Chemometrics is the subdivision of analytical chemistry that uses computational methods for qualitative or quantitative analysis of typically multivariate measurement data. Chemometric computation methods have been designed for sensor calibration and for evaluation of unknowns. Another wide area of chemometrics is experimental design and statistical process control in industry. Because of a continuously increasing numbers of applications, more and more scientists need to understand chemometrics, thus there is a need for textbooks at levels ranging from those providing an overview to those with expert-level discussions of chemometric algorithms. Since there are so many different methodologies available, a textbook such as Applied Chemometrics for Scientists has to cover a large number of different approaches. This book gives an overview of numerous chemometric topics and is based on examples and graphical explanation rather than introducing mathematical details of chemometric algorithms. Readers are presented with the fundamental ideas of numerous chemometric methods so that they can select and assess an approach. In the preface the author explains that the book is based on a series of short, introductory articles. Many chapters are just long enough to present the basic concepts but do not provide insights into details of algorithms. For example, multi-way methods (1, 2) are covered in chapter 5.11 in only three pages. A novice will find enough information to get started, but studying more literature will be required to gain a workable knowledge. Unfortunately, the list of references throughout the book is very short and somewhat outdated. The book can be grouped into four areas, each of which consists of several chapters. Introductory topics: These chapters cover the history of chemometrics, the basics of statistical data analysis, and signal analysis. Although the presentation of statistical techniques is very basic and could have been handled by pointing to standard references, it is certainly nice to have all these tools available in one book. The focus here is on univariate data whereas chemometrics, in my opinion, is inherently multivariate. Multivariate least-squares regression (3) is introduced in a later chapter, though. Experimental design: The discussion of experimental design is much longer than other chapters and provides sufficient

information to get started applying methods of experimental design. This part of the book is quite comprehensive and is a good starting point for this topic. Pattern recognition and calibration procedures: The presentation of pattern recognition is unique as it uses almost no equations and discusses the material based on graphs and cartoons. This approach certainly communicates the ideas of the different pattern recognition methods quickly. However, this means that the reader has to use commercial software packages as black boxes when applying these techniques. The chapter on calibration starts with the introduction of leastsquares regression. At this point, I would have preferred to see a more extensive discussion on multivariate least squares regression, or at least some references, because many chemometric methods are based on this technique. Applications: This is certainly the strongest and longest part of the book. A great many applications are discussed together with experimental aspects. This section will be useful to scientists who need to decide whether chemometrics is a valuable approach. Examples from process analytics, biology, medical diagnostics, and quality monitoring of food are presented. In these chapters, the discussion refers to the more computational chapters where chemometric concepts are introduced and outlines how those methods are applied.

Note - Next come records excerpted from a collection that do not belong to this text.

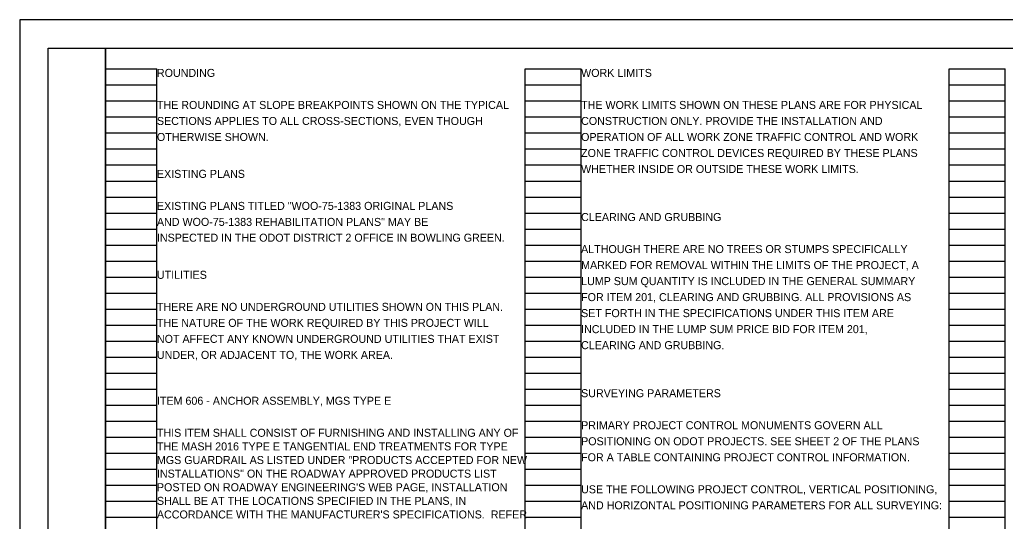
# Model space of a CAD drawing. Extents: x -19.6 to 34, y -1.8 to 22.
# Drawn here: x 0 to 17.24, y 13.23 to 22 of the extents above; entities that cross this region are included whole.
import ezdxf

# ---------------------------------------------------------------- set-up
doc = ezdxf.new("R2010")
doc.units = 0
for name, color, linetype in [('SH_Border', 7, 'Continuous'), ('SH_Cut_Line', 7, 'Continuous'), ('SH_Data', 7, 'Continuous'), ('SH_Text', 7, 'Continuous')]:
    doc.layers.add(name, color=color, linetype=linetype)

msp = doc.modelspace()

# ---------------------------------------------------------------- linework, layer by layer
at = {"layer": 'SH_Border'}
msp.add_lwpolyline([(0, 0), (34, 0), (34, 22), (0, 22)], close=True, dxfattribs=at)
at = {"layer": 'SH_Cut_Line'}
for points in [[(0.5, 21.5), (1.5, 21.5), (1.5, 0.5), (0.5, 0.5)], [(1.5, 21.5), (33.5, 21.5), (33.5, 0.5), (1.5, 0.5)]]:
    msp.add_lwpolyline(points, close=True, dxfattribs=at)
at = {"layer": 'SH_Data'}
for p, q in [((1.5, 0.98), (1.5, 21.14)), ((1.5, 21.14), (2.4, 21.14)), ((2.4, 0.98), (2.4, 21.14)), ((8.84, 0.98), (8.84, 21.14)), ((8.84, 21.14), (9.82, 21.14)), ((9.82, 0.98), (9.82, 21.14)), ((16.26, 0.98), (16.26, 21.14)), ((16.26, 21.14), (17.24, 21.14)), ((17.24, 0.98), (17.24, 21.14)), ((1.5, 20.86), (2.4, 20.86)), ((8.84, 20.86), (9.82, 20.86)), ((16.26, 20.86), (17.24, 20.86)), ((1.5, 20.58), (2.4, 20.58)), ((8.84, 20.58), (9.82, 20.58)), ((16.26, 20.58), (17.24, 20.58)), ((1.5, 20.3), (2.4, 20.3)), ((8.84, 20.3), (9.82, 20.3)), ((16.26, 20.3), (17.24, 20.3)), ((1.5, 20.02), (2.4, 20.02)), ((8.84, 20.02), (9.82, 20.02)), ((16.26, 20.02), (17.24, 20.02)), ((1.5, 19.74), (2.4, 19.74)), ((8.84, 19.74), (9.82, 19.74)), ((16.26, 19.74), (17.24, 19.74)), ((1.5, 19.46), (2.4, 19.46)), ((8.84, 19.46), (9.82, 19.46)), ((16.26, 19.46), (17.24, 19.46)), ((1.5, 19.18), (2.4, 19.18)), ((8.84, 19.18), (9.82, 19.18)), ((16.26, 19.18), (17.24, 19.18)), ((1.5, 18.9), (2.4, 18.9)), ((8.84, 18.9), (9.82, 18.9)), ((16.26, 18.9), (17.24, 18.9)), ((1.5, 18.62), (2.4, 18.62)), ((8.84, 18.62), (9.82, 18.62)), ((16.26, 18.62), (17.24, 18.62)), ((1.5, 18.34), (2.4, 18.34)), ((8.84, 18.34), (9.82, 18.34)), ((16.26, 18.34), (17.24, 18.34)), ((1.5, 18.06), (2.4, 18.06)), ((8.84, 18.06), (9.82, 18.06)), ((16.26, 18.06), (17.24, 18.06)), ((1.5, 17.78), (2.4, 17.78)), ((8.84, 17.78), (9.82, 17.78)), ((16.26, 17.78), (17.24, 17.78)), ((1.5, 17.5), (2.4, 17.5)), ((8.84, 17.5), (9.82, 17.5)), ((16.26, 17.5), (17.24, 17.5)), ((1.5, 17.22), (2.4, 17.22)), ((8.84, 17.22), (9.82, 17.22)), ((16.26, 17.22), (17.24, 17.22)), ((1.5, 16.94), (2.4, 16.94)), ((8.84, 16.94), (9.82, 16.94)), ((16.26, 16.94), (17.24, 16.94)), ((1.5, 16.66), (2.4, 16.66)), ((8.84, 16.66), (9.82, 16.66)), ((16.26, 16.66), (17.24, 16.66)), ((1.5, 16.38), (2.4, 16.38)), ((8.84, 16.38), (9.82, 16.38)), ((16.26, 16.38), (17.24, 16.38)), ((1.5, 16.1), (2.4, 16.1)), ((8.84, 16.1), (9.82, 16.1)), ((16.26, 16.1), (17.24, 16.1)), ((1.5, 15.82), (2.4, 15.82)), ((8.84, 15.82), (9.82, 15.82)), ((16.26, 15.82), (17.24, 15.82)), ((1.5, 15.54), (2.4, 15.54)), ((8.84, 15.54), (9.82, 15.54)), ((16.26, 15.54), (17.24, 15.54)), ((1.5, 15.26), (2.4, 15.26)), ((8.84, 15.26), (9.82, 15.26)), ((16.26, 15.26), (17.24, 15.26)), ((1.5, 14.98), (2.4, 14.98)), ((8.84, 14.98), (9.82, 14.98)), ((16.26, 14.98), (17.24, 14.98)), ((1.5, 14.7), (2.4, 14.7)), ((8.84, 14.7), (9.82, 14.7)), ((16.26, 14.7), (17.24, 14.7)), ((1.5, 14.42), (2.4, 14.42)), ((8.84, 14.42), (9.82, 14.42)), ((16.26, 14.42), (17.24, 14.42)), ((1.5, 14.14), (2.4, 14.14)), ((8.84, 14.14), (9.82, 14.14)), ((16.26, 14.14), (17.24, 14.14)), ((1.5, 13.86), (2.4, 13.86)), ((8.84, 13.86), (9.82, 13.86)), ((16.26, 13.86), (17.24, 13.86)), ((1.5, 13.58), (2.4, 13.58)), ((8.84, 13.58), (9.82, 13.58)), ((16.26, 13.58), (17.24, 13.58)), ((1.5, 13.3), (2.4, 13.3)), ((8.84, 13.3), (9.82, 13.3)), ((16.26, 13.3), (17.24, 13.3))]:
    msp.add_line(p, q, dxfattribs=at)

# ---------------------------------------------------------------- texts
at = {"layer": 'SH_Text'}
for s, p in [('ROUNDING', (2.4, 21)), ('WORK LIMITS', (9.82, 21)), ('THE ROUNDING AT SLOPE BREAKPOINTS SHOWN ON THE TYPICAL', (2.4, 20.44)), ('THE WORK LIMITS SHOWN ON THESE PLANS ARE FOR PHYSICAL', (9.82, 20.44)), ('SECTIONS APPLIES TO ALL CROSS-SECTIONS, EVEN THOUGH', (2.4, 20.16)), ('CONSTRUCTION ONLY. PROVIDE THE INSTALLATION AND', (9.82, 20.16)), ('OTHERWISE SHOWN.', (2.4, 19.88)), ('OPERATION OF ALL WORK ZONE TRAFFIC CONTROL AND WORK', (9.82, 19.88)), ('ZONE TRAFFIC CONTROL DEVICES REQUIRED BY THESE PLANS', (9.82, 19.6)), ('EXISTING PLANS', (2.4, 19.235)), ('WHETHER INSIDE OR OUTSIDE THESE WORK LIMITS.', (9.82, 19.32)), ('EXISTING PLANS TITLED "WOO-75-1383 ORIGINAL PLANS', (2.4, 18.675)), ('CLEARING AND GRUBBING', (9.82, 18.48)), ('AND WOO-75-1383 REHABILITATION PLANS" MAY BE', (2.4, 18.395)), ('INSPECTED IN THE ODOT DISTRICT 2 OFFICE IN BOWLING GREEN.', (2.4, 18.119)), ('ALTHOUGH THERE ARE NO TREES OR STUMPS SPECIFICALLY', (9.82, 17.92)), ('MARKED FOR REMOVAL WITHIN THE LIMITS OF THE PROJECT, A', (9.82, 17.64)), ('UTILITIES', (2.4, 17.47)), ('LUMP SUM QUANTITY IS INCLUDED IN THE GENERAL SUMMARY', (9.82, 17.36)), ('FOR ITEM 201, CLEARING AND GRUBBING. ALL PROVISIONS AS', (9.82, 17.08)), ('THERE ARE NO UNDERGROUND UTILITIES SHOWN ON THIS PLAN.', (2.4, 16.91)), ('SET FORTH IN THE SPECIFICATIONS UNDER THIS ITEM ARE', (9.82, 16.8)), ('THE NATURE OF THE WORK REQUIRED BY THIS PROJECT WILL', (2.4, 16.63)), ('INCLUDED IN THE LUMP SUM PRICE BID FOR ITEM 201,', (9.82, 16.52)), ('NOT AFFECT ANY KNOWN UNDERGROUND UTILITIES THAT EXIST', (2.4, 16.35)), ('CLEARING AND GRUBBING.', (9.82, 16.24)), ('UNDER, OR ADJACENT TO, THE WORK AREA.', (2.4, 16.07)), ('SURVEYING PARAMETERS', (9.82, 15.4)), ('ITEM 606 - ANCHOR ASSEMBLY, MGS TYPE E', (2.4, 15.268)), ('THIS ITEM SHALL CONSIST OF FURNISHING AND INSTALLING ANY OF ', (2.4, 14.708)), ('PRIMARY PROJECT CONTROL MONUMENTS GOVERN ALL', (9.82, 14.84)), ('POSITIONING ON ODOT PROJECTS. SEE SHEET 2 OF THE PLANS', (9.82, 14.56)), ('THE MASH 2016 TYPE E TANGENTIAL END TREATMENTS FOR TYPE ', (2.4, 14.47)), ('MGS GUARDRAIL AS LISTED UNDER "PRODUCTS ACCEPTED FOR NEW ', (2.4, 14.232)), ('FOR A TABLE CONTAINING PROJECT CONTROL INFORMATION.', (9.82, 14.28)), ('INSTALLATIONS" ON THE ROADWAY APPROVED PRODUCTS LIST ', (2.4, 13.994)), ("POSTED ON ROADWAY ENGINEERING'S WEB PAGE, INSTALLATION ", (2.4, 13.756)), ('USE THE FOLLOWING PROJECT CONTROL, VERTICAL POSITIONING,', (9.82, 13.72)), ('SHALL BE AT THE LOCATIONS SPECIFIED IN THE PLANS, IN ', (2.4, 13.518)), ('AND HORIZONTAL POSITIONING PARAMETERS FOR ALL SURVEYING:', (9.82, 13.44)), ("ACCORDANCE WITH THE MANUFACTURER'S SPECIFICATIONS.  REFER ", (2.4, 13.28))]:
    msp.add_text(s, height=0.14, dxfattribs=at).set_placement(p)

doc.saveas('drawing.dxf')

The descriptive approach, supported by many examples, makes selected chapters useful for introducing chemometrics in undergraduate classes. This book conveys basic ideas of data analysis smoothly and presents the material in a very descriptive way. This helps to prepare undergraduates for industrial jobs or graduate school where they have to apply chemometrics. Teaching a graduate course in chemometrics, however, would require more mathematical and computational details than presented in this textbook. This book also serves as a valuable encyclopedia for researchers who want to get started in chemometrics. Finally, advanced chemometricians who come across a new technique will be able to quickly get some background information. Literature Cited 1. Bro, R. PARAFAC. Tutorial and Applications. Chemom. Intell. Lab. Syst. 1997, 38, 149–171. 2. Faber, N.; Bro, R.; Hopke, P. Recent Developments in CANDECOMP/PARAFAC Algorithms: A Critical Review. Chemom99. Intell. Lab. Syst. 2003, 65, 119–137. 3. Draper, N.; Smith, H. Applied Regression Analysis, 3rd ed.; John Wiley & Sons: New York, 1998.

Frank Vogt is a member of the Department of Chemistry, University of Tennessee, Knoxville, TN 37996-1600; fvogt@ utk.edu.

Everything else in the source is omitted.